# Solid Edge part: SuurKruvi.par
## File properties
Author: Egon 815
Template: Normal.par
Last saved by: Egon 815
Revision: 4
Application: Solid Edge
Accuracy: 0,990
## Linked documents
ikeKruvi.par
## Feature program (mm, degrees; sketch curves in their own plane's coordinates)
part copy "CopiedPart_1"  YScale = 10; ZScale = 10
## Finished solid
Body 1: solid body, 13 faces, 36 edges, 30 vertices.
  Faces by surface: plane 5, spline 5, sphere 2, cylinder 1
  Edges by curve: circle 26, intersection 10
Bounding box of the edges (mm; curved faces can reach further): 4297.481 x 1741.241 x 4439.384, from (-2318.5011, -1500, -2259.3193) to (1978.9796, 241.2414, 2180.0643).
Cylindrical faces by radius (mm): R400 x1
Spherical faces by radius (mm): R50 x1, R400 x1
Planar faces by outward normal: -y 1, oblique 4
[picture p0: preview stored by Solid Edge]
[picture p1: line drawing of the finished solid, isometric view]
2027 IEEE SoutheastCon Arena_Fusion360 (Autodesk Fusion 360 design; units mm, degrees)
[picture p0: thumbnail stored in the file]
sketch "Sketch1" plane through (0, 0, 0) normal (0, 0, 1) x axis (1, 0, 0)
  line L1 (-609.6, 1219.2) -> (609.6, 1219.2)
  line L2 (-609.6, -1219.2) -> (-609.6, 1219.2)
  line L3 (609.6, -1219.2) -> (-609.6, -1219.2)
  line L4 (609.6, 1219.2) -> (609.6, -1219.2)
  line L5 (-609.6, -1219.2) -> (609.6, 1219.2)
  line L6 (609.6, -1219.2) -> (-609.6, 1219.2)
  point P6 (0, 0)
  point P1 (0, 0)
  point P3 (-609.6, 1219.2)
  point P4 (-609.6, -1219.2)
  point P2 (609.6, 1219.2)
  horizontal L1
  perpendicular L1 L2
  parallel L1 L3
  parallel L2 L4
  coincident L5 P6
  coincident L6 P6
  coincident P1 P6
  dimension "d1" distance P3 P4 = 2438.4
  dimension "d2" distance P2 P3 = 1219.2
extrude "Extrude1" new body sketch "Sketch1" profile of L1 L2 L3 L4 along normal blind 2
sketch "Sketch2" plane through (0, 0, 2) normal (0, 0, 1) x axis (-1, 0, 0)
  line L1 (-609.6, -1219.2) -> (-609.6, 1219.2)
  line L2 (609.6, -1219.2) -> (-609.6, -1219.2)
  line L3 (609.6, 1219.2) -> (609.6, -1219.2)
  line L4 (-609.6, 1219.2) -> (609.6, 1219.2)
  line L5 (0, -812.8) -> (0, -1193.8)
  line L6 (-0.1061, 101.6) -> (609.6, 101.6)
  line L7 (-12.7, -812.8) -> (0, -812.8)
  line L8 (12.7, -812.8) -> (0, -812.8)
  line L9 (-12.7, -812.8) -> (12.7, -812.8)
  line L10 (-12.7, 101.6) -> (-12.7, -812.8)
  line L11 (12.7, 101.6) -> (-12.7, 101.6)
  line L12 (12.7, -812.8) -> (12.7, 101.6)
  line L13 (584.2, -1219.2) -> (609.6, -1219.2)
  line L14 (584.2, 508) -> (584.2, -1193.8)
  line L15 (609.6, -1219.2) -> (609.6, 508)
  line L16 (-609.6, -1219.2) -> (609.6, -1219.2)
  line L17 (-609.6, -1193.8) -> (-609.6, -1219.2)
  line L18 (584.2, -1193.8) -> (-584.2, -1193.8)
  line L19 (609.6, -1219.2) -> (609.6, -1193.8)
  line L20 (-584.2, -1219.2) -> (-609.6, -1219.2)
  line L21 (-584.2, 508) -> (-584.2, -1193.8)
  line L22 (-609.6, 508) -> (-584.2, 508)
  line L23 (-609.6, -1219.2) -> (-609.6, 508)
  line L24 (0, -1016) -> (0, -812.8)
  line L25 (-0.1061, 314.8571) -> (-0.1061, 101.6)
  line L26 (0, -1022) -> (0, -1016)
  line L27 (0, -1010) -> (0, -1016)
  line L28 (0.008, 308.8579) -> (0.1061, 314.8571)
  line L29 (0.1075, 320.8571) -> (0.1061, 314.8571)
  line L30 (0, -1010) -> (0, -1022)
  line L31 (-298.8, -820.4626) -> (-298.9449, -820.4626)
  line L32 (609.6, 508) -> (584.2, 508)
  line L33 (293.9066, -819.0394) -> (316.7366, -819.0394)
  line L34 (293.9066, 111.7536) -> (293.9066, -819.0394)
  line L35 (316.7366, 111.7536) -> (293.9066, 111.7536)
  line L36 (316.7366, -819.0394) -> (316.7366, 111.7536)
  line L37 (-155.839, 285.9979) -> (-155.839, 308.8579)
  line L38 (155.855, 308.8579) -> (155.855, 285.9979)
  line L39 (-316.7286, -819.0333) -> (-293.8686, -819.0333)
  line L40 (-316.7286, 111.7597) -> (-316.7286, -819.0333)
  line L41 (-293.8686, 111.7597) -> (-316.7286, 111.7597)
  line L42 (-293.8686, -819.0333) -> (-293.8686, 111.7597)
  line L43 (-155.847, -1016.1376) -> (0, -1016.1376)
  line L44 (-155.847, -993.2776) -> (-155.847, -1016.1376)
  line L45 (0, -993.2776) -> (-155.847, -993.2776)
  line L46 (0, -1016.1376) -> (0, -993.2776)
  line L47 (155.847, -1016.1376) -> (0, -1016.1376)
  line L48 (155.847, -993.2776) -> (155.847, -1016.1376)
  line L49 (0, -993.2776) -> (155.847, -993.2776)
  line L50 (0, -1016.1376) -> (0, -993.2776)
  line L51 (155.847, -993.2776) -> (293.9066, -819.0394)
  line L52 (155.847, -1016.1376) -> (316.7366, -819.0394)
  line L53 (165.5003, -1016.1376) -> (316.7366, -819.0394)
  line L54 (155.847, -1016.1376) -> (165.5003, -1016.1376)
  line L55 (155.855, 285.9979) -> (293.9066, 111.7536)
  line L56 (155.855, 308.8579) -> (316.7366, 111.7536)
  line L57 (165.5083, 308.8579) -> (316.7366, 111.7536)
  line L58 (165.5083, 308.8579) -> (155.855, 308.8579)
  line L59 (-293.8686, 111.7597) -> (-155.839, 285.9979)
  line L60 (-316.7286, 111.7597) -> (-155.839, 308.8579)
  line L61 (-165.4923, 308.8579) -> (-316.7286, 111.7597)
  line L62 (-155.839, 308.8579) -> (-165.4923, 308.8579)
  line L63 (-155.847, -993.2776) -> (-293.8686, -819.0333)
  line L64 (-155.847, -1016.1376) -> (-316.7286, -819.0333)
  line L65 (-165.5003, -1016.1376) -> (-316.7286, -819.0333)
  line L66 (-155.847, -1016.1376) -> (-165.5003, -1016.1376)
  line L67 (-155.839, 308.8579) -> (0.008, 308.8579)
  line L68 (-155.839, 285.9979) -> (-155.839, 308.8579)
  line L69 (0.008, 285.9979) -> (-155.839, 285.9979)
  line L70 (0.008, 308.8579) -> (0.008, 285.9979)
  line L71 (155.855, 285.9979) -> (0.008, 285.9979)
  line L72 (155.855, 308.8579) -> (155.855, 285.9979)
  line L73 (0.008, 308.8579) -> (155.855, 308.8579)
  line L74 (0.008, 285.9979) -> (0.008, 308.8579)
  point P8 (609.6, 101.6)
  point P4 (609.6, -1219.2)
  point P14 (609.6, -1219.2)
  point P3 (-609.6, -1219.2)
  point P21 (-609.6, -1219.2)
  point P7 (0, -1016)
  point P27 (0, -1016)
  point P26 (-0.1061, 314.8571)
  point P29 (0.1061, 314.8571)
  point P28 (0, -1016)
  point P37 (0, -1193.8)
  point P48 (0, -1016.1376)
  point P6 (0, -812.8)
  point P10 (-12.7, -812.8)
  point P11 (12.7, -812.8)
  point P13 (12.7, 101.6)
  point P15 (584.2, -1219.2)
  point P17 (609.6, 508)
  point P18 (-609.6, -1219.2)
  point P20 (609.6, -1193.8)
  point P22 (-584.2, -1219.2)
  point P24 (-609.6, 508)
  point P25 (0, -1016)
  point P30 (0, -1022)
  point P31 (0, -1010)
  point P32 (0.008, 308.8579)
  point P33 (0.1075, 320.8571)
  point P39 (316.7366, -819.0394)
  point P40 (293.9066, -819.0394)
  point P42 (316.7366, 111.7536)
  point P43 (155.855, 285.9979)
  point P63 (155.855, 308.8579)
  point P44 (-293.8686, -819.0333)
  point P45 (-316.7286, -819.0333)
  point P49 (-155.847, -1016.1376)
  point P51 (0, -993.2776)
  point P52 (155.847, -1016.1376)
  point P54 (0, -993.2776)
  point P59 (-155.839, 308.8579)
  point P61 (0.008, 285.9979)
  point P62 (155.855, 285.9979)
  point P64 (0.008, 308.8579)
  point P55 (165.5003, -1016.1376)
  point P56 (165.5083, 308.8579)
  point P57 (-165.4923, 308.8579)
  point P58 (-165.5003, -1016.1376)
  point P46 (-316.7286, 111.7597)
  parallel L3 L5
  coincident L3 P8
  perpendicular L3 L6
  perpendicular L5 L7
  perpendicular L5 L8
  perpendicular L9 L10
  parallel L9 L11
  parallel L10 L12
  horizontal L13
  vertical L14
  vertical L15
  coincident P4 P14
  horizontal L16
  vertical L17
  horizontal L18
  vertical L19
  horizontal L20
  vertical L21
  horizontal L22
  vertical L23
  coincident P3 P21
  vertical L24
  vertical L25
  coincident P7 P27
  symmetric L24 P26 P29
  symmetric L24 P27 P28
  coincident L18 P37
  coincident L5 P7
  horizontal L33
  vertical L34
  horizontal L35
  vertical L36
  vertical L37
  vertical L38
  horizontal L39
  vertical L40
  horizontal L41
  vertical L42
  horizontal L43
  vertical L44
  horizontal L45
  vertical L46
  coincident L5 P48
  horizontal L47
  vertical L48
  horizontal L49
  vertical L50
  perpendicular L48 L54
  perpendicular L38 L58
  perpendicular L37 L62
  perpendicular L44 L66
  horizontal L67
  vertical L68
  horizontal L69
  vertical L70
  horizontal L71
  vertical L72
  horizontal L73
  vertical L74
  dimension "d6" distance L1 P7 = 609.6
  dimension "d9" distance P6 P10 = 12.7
· · · · ·
Reproduce only this range: the first line of the data above through the line with "[picture p0: preview stored by Solid Edge]", both included, exactly as written.

# Solid Edge part: SuurKruvi.par
## File properties
Author: Egon 815
Template: Normal.par
Last saved by: Egon 815
Revision: 4
Application: Solid Edge
Accuracy: 0,990
## Linked documents
ikeKruvi.par
## Feature program (mm, degrees; sketch curves in their own plane's coordinates)
part copy "CopiedPart_1"  YScale = 10; ZScale = 10
## Finished solid
Body 1: solid body, 13 faces, 36 edges, 30 vertices.
  Faces by surface: plane 5, spline 5, sphere 2, cylinder 1
  Edges by curve: circle 26, intersection 10
Bounding box of the edges (mm; curved faces can reach further): 4297.481 x 1741.241 x 4439.384, from (-2318.5011, -1500, -2259.3193) to (1978.9796, 241.2414, 2180.0643).
Cylindrical faces by radius (mm): R400 x1
Spherical faces by radius (mm): R50 x1, R400 x1
Planar faces by outward normal: -y 1, oblique 4
[picture p0: preview stored by Solid Edge]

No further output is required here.